▶ **Problem**
From the first line of the entries below through the line holding "# Air terminal", write out every line exactly, please, and leave out the pictures.

▶ **Exercise material**
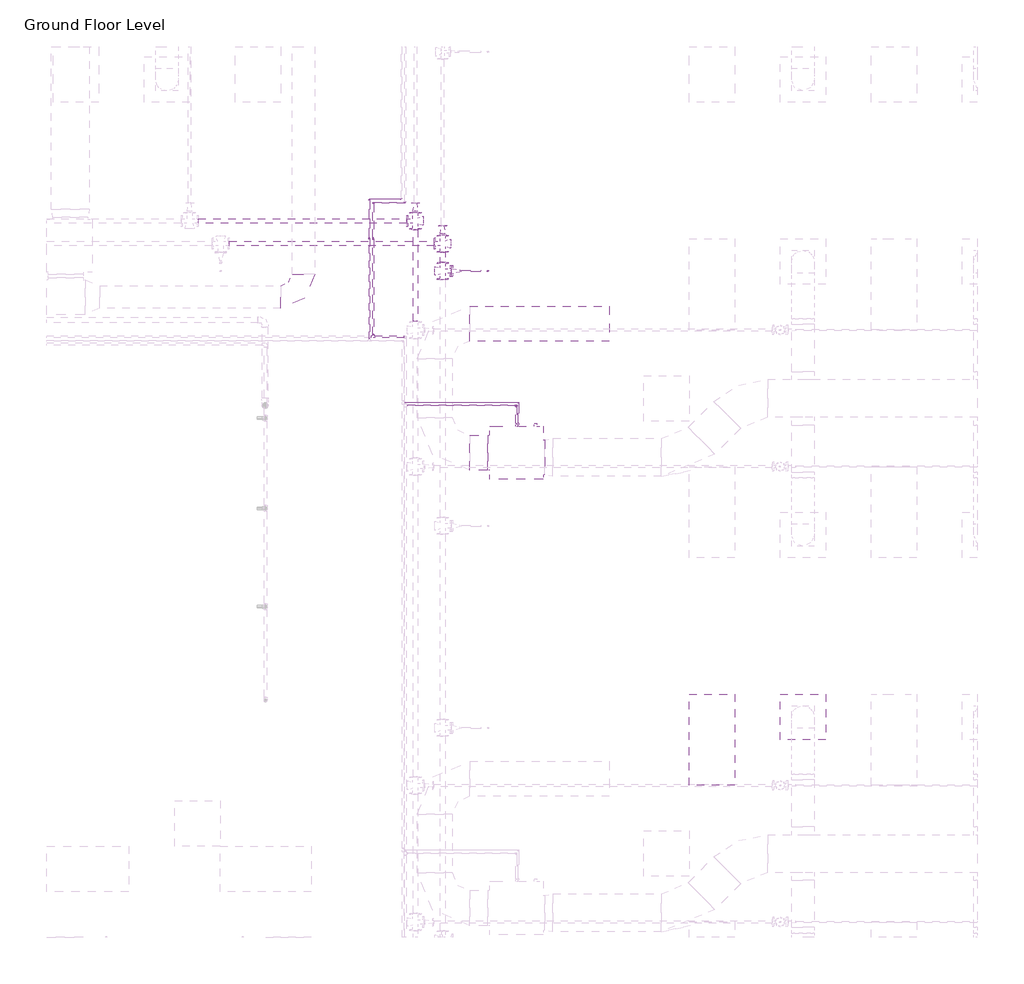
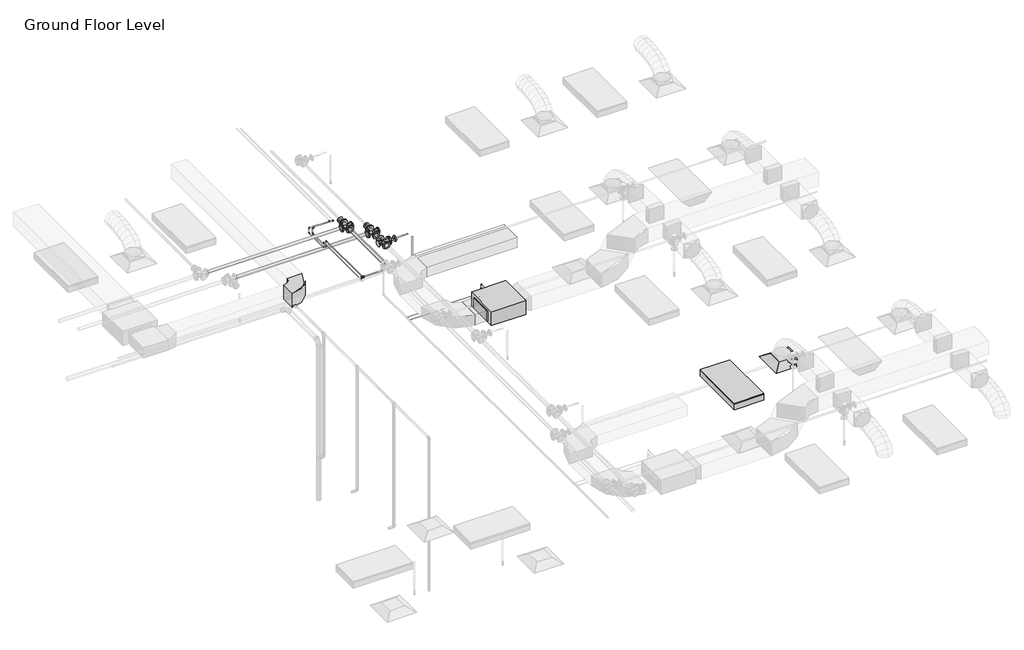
# One storey, part 67 of 74: 23 pipe segments, 22 pipe fittings, 2 duct segments, 1 air terminal, 1 duct fitting, 1 fire suppression terminal, 1 light fixture, 1 proxy.
"""IFC4 building model written with IfcOpenShell, lengths in millimetres."""

from ifc_helpers import new_model, si_unit, point, frame, frame_2d, origin, place, context, project, spatial, polyline, circle_curve, trimmed, segment, composite_curve, outline, extrude, transform, mapped, element, save
from components import m_return_diffuser_600_x_600_face_300_x_300_connection_ff221211, fcu_daikin_iu_bad131e0, m_rectangular_elbow_radius_1_w_618da153, m_sprinkler_pendent_15_mm_pendent_06fcbd8e, m_troffer_light_parabolic_rectangular1_0600x1200mm_4_lamp_86473d4a, m_elbow_generic_standard_a088f956, m_elbow_generic_standard_2a704253, m_reducer_flanged_cs_class_150_standard_9dfe9ec5, m_reducer_flanged_cs_class_150_standard_a7631c35, m_tee_generic_standard_bbfc025c, m_tee_round_base_flanged_cs_class_150_standard_dd767e04, m_transition_generic_standard_e9aec4dd

model = new_model("IFC4")

# Units and contexts
model_context = context("Model", 3, world=origin())
ifc_project = project(units=[si_unit("LENGTHUNIT", "METRE", prefix="MILLI")], contexts=[model_context])

# Site, building, storey
site = spatial("IfcSite", under=ifc_project)
building = spatial("IfcBuilding", under=site)
storey = spatial("IfcBuildingStorey", under=building, Name="Ground Floor Level", Elevation=900.0)

# Air terminal
placement = place(None, origin())
m_return_diffuser_600_x_600_face_300_x_300_connection_shape = m_return_diffuser_600_x_600_face_300_x_300_connection_ff221211(model_context)
element("IfcAirTerminal", 1, ObjectType="M_Supply Diffuser : 600 x 600 Face 300 x 300 Connection", at=placement, inside=storey, context=model_context, shape_type="MappedRepresentation", body=[
    mapped(m_return_diffuser_600_x_600_face_300_x_300_connection_shape, transform((10742.7672395, 8535.2153534, 3650.0), x_axis=(1.0, 0.0, 0.0), y_axis=(0.0, 1.0, 0.0), z_axis=(0.0, 0.0, 1.0))),
])

# Proxy
fcu_daikin_iu_shape = fcu_daikin_iu_bad131e0(model_context)
element("IfcBuildingElementProxy", 2, Name="FCU-DAIKIN IU : 4.5kW, 230V/50Hz/1Ph", ObjectType="FCU-DAIKIN IU : 4.5kW, 230V/50Hz/1Ph", at=placement, inside=storey, context=model_context, shape_type="MappedRepresentation", body=[
    mapped(fcu_daikin_iu_shape, transform((6968.8139492, 12019.6779527, 3934.0932729), x_axis=(0.0, 1.0, 0.0), y_axis=(-1.0, 0.0, 0.0), z_axis=(0.0, 0.0, 1.0))),
])

# Duct fitting
m_rectangular_elbow_radius_1_w_shape = m_rectangular_elbow_radius_1_w_618da153(model_context)
element("IfcDuctFitting", 3, ObjectType="M_Rectangular Elbow - Radius : 1 W", at=placement, inside=storey, context=model_context, shape_type="MappedRepresentation", body=[
    mapped(m_rectangular_elbow_radius_1_w_shape, transform((4162.7672395, 14069.8153534, 4075.2872564), x_axis=(1.0, 0.0, 0.0), y_axis=(0.0, 1.0, 0.0), z_axis=(0.0, 0.0, 1.0))),
])

# Duct segments
element("IfcDuctSegment", 4, ObjectType="Radius Elbows / Taps", at=placement, inside=storey, context=model_context, shape_type="SweptSolid", body=[
    extrude(outline(polyline([(6593.4139492, 12250.6154527), (6593.4139492, 11788.7404527), (6355.2889492, 11788.7404527), (6355.2889492, 12250.6154527), (6593.4139492, 12250.6154527)])), frame((0.0, 0.0, 3968.1432729), z_axis=(0.0, 0.0, 1.0), x_axis=(1.0, 0.0, 0.0)), (0.0, 0.0, 1.0), 214.3),
])
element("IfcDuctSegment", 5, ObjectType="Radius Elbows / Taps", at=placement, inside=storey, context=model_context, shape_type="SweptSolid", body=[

▶ **Response to this task**
# One storey, part 67 of 74: 23 pipe segments, 22 pipe fittings, 2 duct segments, 1 air terminal, 1 duct fitting, 1 fire suppression terminal, 1 light fixture, 1 proxy.
"""IFC4 building model written with IfcOpenShell, lengths in millimetres."""

from ifc_helpers import new_model, si_unit, point, frame, frame_2d, origin, place, context, project, spatial, polyline, circle_curve, trimmed, segment, composite_curve, outline, extrude, transform, mapped, element, save
from components import m_return_diffuser_600_x_600_face_300_x_300_connection_ff221211, fcu_daikin_iu_bad131e0, m_rectangular_elbow_radius_1_w_618da153, m_sprinkler_pendent_15_mm_pendent_06fcbd8e, m_troffer_light_parabolic_rectangular1_0600x1200mm_4_lamp_86473d4a, m_elbow_generic_standard_a088f956, m_elbow_generic_standard_2a704253, m_reducer_flanged_cs_class_150_standard_9dfe9ec5, m_reducer_flanged_cs_class_150_standard_a7631c35, m_tee_generic_standard_bbfc025c, m_tee_round_base_flanged_cs_class_150_standard_dd767e04, m_transition_generic_standard_e9aec4dd

model = new_model("IFC4")

# Units and contexts
model_context = context("Model", 3, world=origin())
ifc_project = project(units=[si_unit("LENGTHUNIT", "METRE", prefix="MILLI")], contexts=[model_context])

# Site, building, storey
site = spatial("IfcSite", under=ifc_project)
building = spatial("IfcBuilding", under=site)
storey = spatial("IfcBuildingStorey", under=building, Name="Ground Floor Level", Elevation=900.0)

# Air terminal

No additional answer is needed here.